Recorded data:
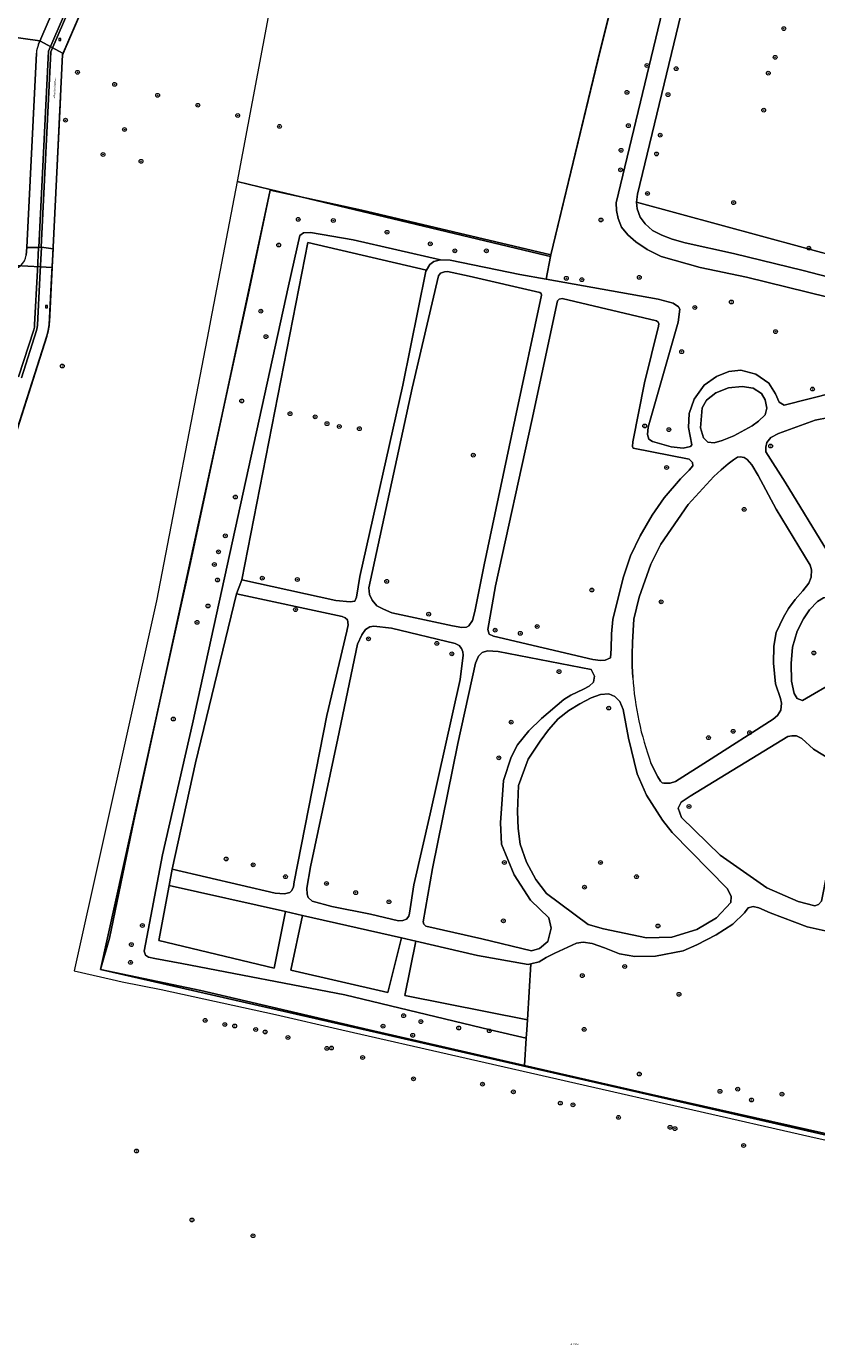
# Model space of a CAD drawing. Header units: metres. Extents: x 207466 to 209466, y 475780 to 477780.
# Tile 124 of 189: x 208600 to 208766, y 476526 to 476803. Entities that reach past the tile are written whole.
import ezdxf
from ezdxf.enums import TextEntityAlignment as Align

# ---------------------------------------------------------------- set-up
doc = ezdxf.new("R2010")
doc.units = ezdxf.units.M
doc.linetypes.add('IE-TERREINAFSCHEIDING-KUNSTMATIG', pattern=[0])
doc.layers.get('0').update_dxf_attribs({"color": 253, "linetype": 'CONTINUOUS'})
for name, color, linetype, lineweight, true_color in [('B-RO-GR-BEPLANTING_CULTUUR_BOSPLANTSOEN-GV', 7, 'CONTINUOUS', 0, 0x6d8a47), ('B-RO-GR-BOOM-S', 7, 'CONTINUOUS', 0, 0x6d8a47), ('B-RO-GR-BOUWLAND-GV', 7, 'CONTINUOUS', 0, 0x6d8a47), ('N-RO-GR-BOOM-S', 7, 'CONTINUOUS', 0, 0x6d8a47)]:
    doc.layers.add(name, color=color, linetype=linetype, lineweight=lineweight, true_color=true_color)
for name, color, linetype, lineweight in [('B-RO-IE-TERREINAFSCHEIDING_KUNSTMATIG_HEKWERK_RASTER-G', 253, 'IE-TERREINAFSCHEIDING-KUNSTMATIG', 0), ('B-RO-OG-TERREIN_CULTUURSCHEIDING-GV', 253, 'CONTINUOUS', 0), ('B-RO-RI-GWA_RIOOLPUT-S', 253, 'CONTINUOUS', 0), ('B-RO-VH-ONVERHARD-GV', 253, 'CONTINUOUS', 0), ('B-RO-VH-VERHARDING_FUNDERING_ZAND-GV', 253, 'CONTINUOUS', 0), ('B-RO-VH-VERHARDING_STRAATBAKSTEEN-GV', 253, 'CONTINUOUS', 0), ('B-WE-KG-GRENS_PERCEEL-GV', 150, 'CONTINUOUS', 18), ('B-WE-KG-GRENS_PERCEEL-S', 150, 'CONTINUOUS', 25), ('N-RO-OG-TOPOGRAFIE-T18', 7, 'CONTINUOUS', 0), ('N-RO-VH-VERHARDING_STRAATBAKSTEEN-GV', 253, 'CONTINUOUS', 0)]:
    doc.layers.add(name, color=color, linetype=linetype, lineweight=lineweight)
doc.styles.add('NLCS-ISO', font='NLCS-ISO.ttf')
doc.styles.add('NLCS-ISO-M200-T18', font='NLCS-ISO.ttf', dxfattribs={"height": 1.8})

# ---------------------------------------------------------------- blocks, each defined once
blk = doc.blocks.new('SRI-PUT_INSPECTIEPUT_RIOOLPUT-SO1')
at = {"color": 0, "linetype": 'ByBlock', "lineweight": -2, "flags": 128}
blk.add_lwpolyline([(-1.125, -1.125), (1.125, -1.125), (1.125, 1.125), (-1.125, 1.125), (-1.125, -1.125)], dxfattribs=at)
at = {"color": 0, "linetype": 'ByBlock', "lineweight": -2, "insert": (0, 0.2828), "char_height": 1.5, "attachment_point": 5, "line_spacing_factor": 0.8, "style": 'NLCS-ISO'}
blk.add_mtext('{\\C0;r}', dxfattribs=at)
blk = doc.blocks.new('SGR-BOOM_01-SO1')
at = {"linetype": 'Continuous'}
h = blk.add_hatch(color=0, dxfattribs=at)
edge = h.paths.add_edge_path()
edge.add_arc((0, 0), 0.25, 0, 360)
at = {"color": 0, "linetype": 'ByBlock', "lineweight": -2}
for radius in [2, 0.25]:
    blk.add_circle((0, 0), radius, dxfattribs=at)
blk = doc.blocks.new('SKG-PERCEELNUMMER-SO')
at = {"style": 'NLCS-ISO', "oblique": 10, "flags": 1}
blk.add_attdef('GEMEENTECODE', text='', height=1.8, dxfattribs=at).set_placement((0, 2.6), align=Align.MIDDLE_CENTER)
at = {"style": 'NLCS-ISO', "oblique": 10}
blk.add_attdef('SECTIE', text='', height=1.8, dxfattribs=at).set_placement((-0.5, 0), align=Align.MIDDLE_RIGHT)
blk.add_attdef('PERCEELNUMMER', text='', height=1.8, dxfattribs=at).set_placement((0.5, 0), align=Align.MIDDLE_LEFT)

msp = doc.modelspace()

# ---------------------------------------------------------------- linework, layer by layer
at = {"layer": 'B-RO-GR-BEPLANTING_CULTUUR_BOSPLANTSOEN-GV', "flags": 128}
for points in [[(208730, 476835.55), (208720.13, 476795.74), (208710.33, 476755.07), (208710.24, 476754.67), (208709.29, 476749.91), (208732.86, 476745.75), (208736, 476744.88), (208737.1, 476744.13), (208737.39, 476743.59), (208737.04, 476740.87), (208730.73, 476718.81), (208730.61, 476717.31), (208730.92, 476716.27), (208731.65, 476715.81), (208735.56, 476714.69), (208738.09, 476714.38), (208739.66, 476714.76), (208739.93, 476715.12), (208739.22, 476718.74), (208739.37, 476721.71), (208740.4, 476724.69), (208742.52, 476727.62), (208745.08, 476729.47), (208747.7, 476730.55), (208750.22, 476730.81), (208753.38, 476729.99), (208756.13, 476728.06), (208757.51, 476725.84), (208758.27, 476724.06), (208759.35, 476723.43), (208769.84, 476726.1)], [(208815.19, 476734.64), (208751.42, 476750.34), (208741.66, 476752.37), (208733.49, 476754.7), (208730.51, 476756.18), (208728.17, 476757.77), (208726.48, 476759.22), (208725.12, 476760.87), (208724.42, 476762.66), (208724.09, 476764.34), (208724.06, 476765.94), (208736.53, 476817.81), (208767.58, 476810.37)], [(208728.33, 476766.08), (208728.45, 476764.69), (208729.08, 476762.95), (208730.09, 476761.58), (208731.65, 476760.19), (208733.6, 476759.15), (208735.81, 476758.36), (208738.55, 476757.53), (208748.65, 476755.33), (208763.29, 476751.72), (208778.93, 476747.67), (208779.72, 476747.86), (208780.06, 476748.34), (208780.29, 476749.17), (208780.81, 476751.8), (208728.33, 476766.08)], [(208771.51, 476671.75), (208772.5, 476674.26), (208772.77, 476675.55), (208772.55, 476676.57), (208768.8, 476682.79), (208768.2, 476683.02), (208767.57, 476682.94), (208766.32, 476682.19), (208764.66, 476680.45), (208763.4, 476678.56), (208762.09, 476675.97), (208761.06, 476672.59), (208760.77, 476669.13), (208760.89, 476665.44), (208761.43, 476662.83), (208762.07, 476661.78), (208763.15, 476661.41), (208770.37, 476665.62), (208770.63, 476666.4), (208770.7, 476667.86), (208771.51, 476671.75)]]:
    msp.add_lwpolyline(points, dxfattribs=at)
at = {"layer": 'B-RO-GR-BOUWLAND-GV', "flags": 128}
msp.add_lwpolyline([(208845.88, 476872.74), (208845.26, 476872.88), (208845.26, 476872.92), (208840.03, 476874.15), (208671.35, 476913.8), (208644.44, 476770.45), (208651.36, 476768.79), (208709.29, 476754.88), (208710.24, 476754.67), (208710.33, 476755.07), (208720.13, 476795.74), (208730, 476835.55), (208752.01, 476830.21), (208756.04, 476829.26), (208771.72, 476825.67), (208783.73, 476822.41), (208787.19, 476821.64), (208810.03, 476816.5), (208833.01, 476810.85), (208833.88, 476810.58), (208833.97, 476810.88), (208835.16, 476815.83), (208845.3, 476869.36), (208845.88, 476872.74)], dxfattribs=at)
at = {"layer": 'B-RO-IE-TERREINAFSCHEIDING_KUNSTMATIG_HEKWERK_RASTER-G', "flags": 128}
for points in [[(208756.04, 476829.26), (208752.01, 476830.21), (208730, 476835.55), (208720.13, 476795.74), (208710.33, 476755.07)], [(208651.33, 476768.66), (208651.36, 476768.79)], [(208709.29, 476754.88), (208651.36, 476768.79)], [(208709.29, 476754.88), (208710.24, 476754.67), (208710.33, 476755.07)], [(208672.13, 476592.2), (208677.03, 476591.06), (208704.78, 476584.69)], [(208704.78, 476584.69), (208731.46, 476578.57), (208775.15, 476568.81), (208826.78, 476556.75)]]:
    msp.add_lwpolyline(points, dxfattribs=at)
at = {"layer": 'B-RO-OG-TERREIN_CULTUURSCHEIDING-GV', "flags": 128}
for points in [[(208728.33, 476766.08), (208780.81, 476751.8), (208782.58, 476760.77), (208792.12, 476800.52), (208754.35, 476809.43), (208743.05, 476812.16), (208742.08, 476812.12), (208741.22, 476811.97), (208740.21, 476811.59), (208739.65, 476811.13), (208739.19, 476810.54), (208738.81, 476809.7), (208738.19, 476807.78), (208728.52, 476767.79), (208728.33, 476766.08)], [(208775.15, 476568.81), (208731.46, 476578.57), (208704.78, 476584.69), (208677.03, 476591.06), (208672.13, 476592.2), (208636.77, 476600.46), (208615.68, 476604.82), (208617.56, 476611.45), (208622.69, 476636.12), (208646.74, 476746.66), (208651.33, 476768.66), (208651.36, 476768.79), (208644.44, 476770.45), (208638.82, 476741.26), (208638.45, 476739.34), (208627.46, 476682.34), (208610.16, 476604.59), (208618.14, 476602.77), (208620.23, 476602.28), (208628.45, 476600.62), (208652.49, 476595.38), (208666.41, 476592.2), (208764.72, 476569.73), (208803.88, 476560.98)], [(208651.36, 476768.79), (208651.33, 476768.66), (208646.74, 476746.66), (208622.69, 476636.12), (208617.56, 476611.45), (208615.68, 476604.82), (208636.77, 476600.46), (208672.13, 476592.2), (208677.03, 476591.06), (208704.78, 476584.69), (208705.14, 476590.39), (208697.58, 476592.2), (208667.02, 476599.52), (208632.75, 476606.12), (208627.14, 476607.14), (208625.8, 476607.45), (208625.15, 476607.88), (208624.85, 476608.72), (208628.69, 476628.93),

▸ **What the task asks**
Return every line of the preceding records in which the word "BOUWLAND" appears.

▸ **Output of the exercise**
for name, color, linetype, lineweight, true_color in [('B-RO-GR-BEPLANTING_CULTUUR_BOSPLANTSOEN-GV', 7, 'CONTINUOUS', 0, 0x6d8a47), ('B-RO-GR-BOOM-S', 7, 'CONTINUOUS', 0, 0x6d8a47), ('B-RO-GR-BOUWLAND-GV', 7, 'CONTINUOUS', 0, 0x6d8a47), ('N-RO-GR-BOOM-S', 7, 'CONTINUOUS', 0, 0x6d8a47)]:
at = {"layer": 'B-RO-GR-BOUWLAND-GV', "flags": 128}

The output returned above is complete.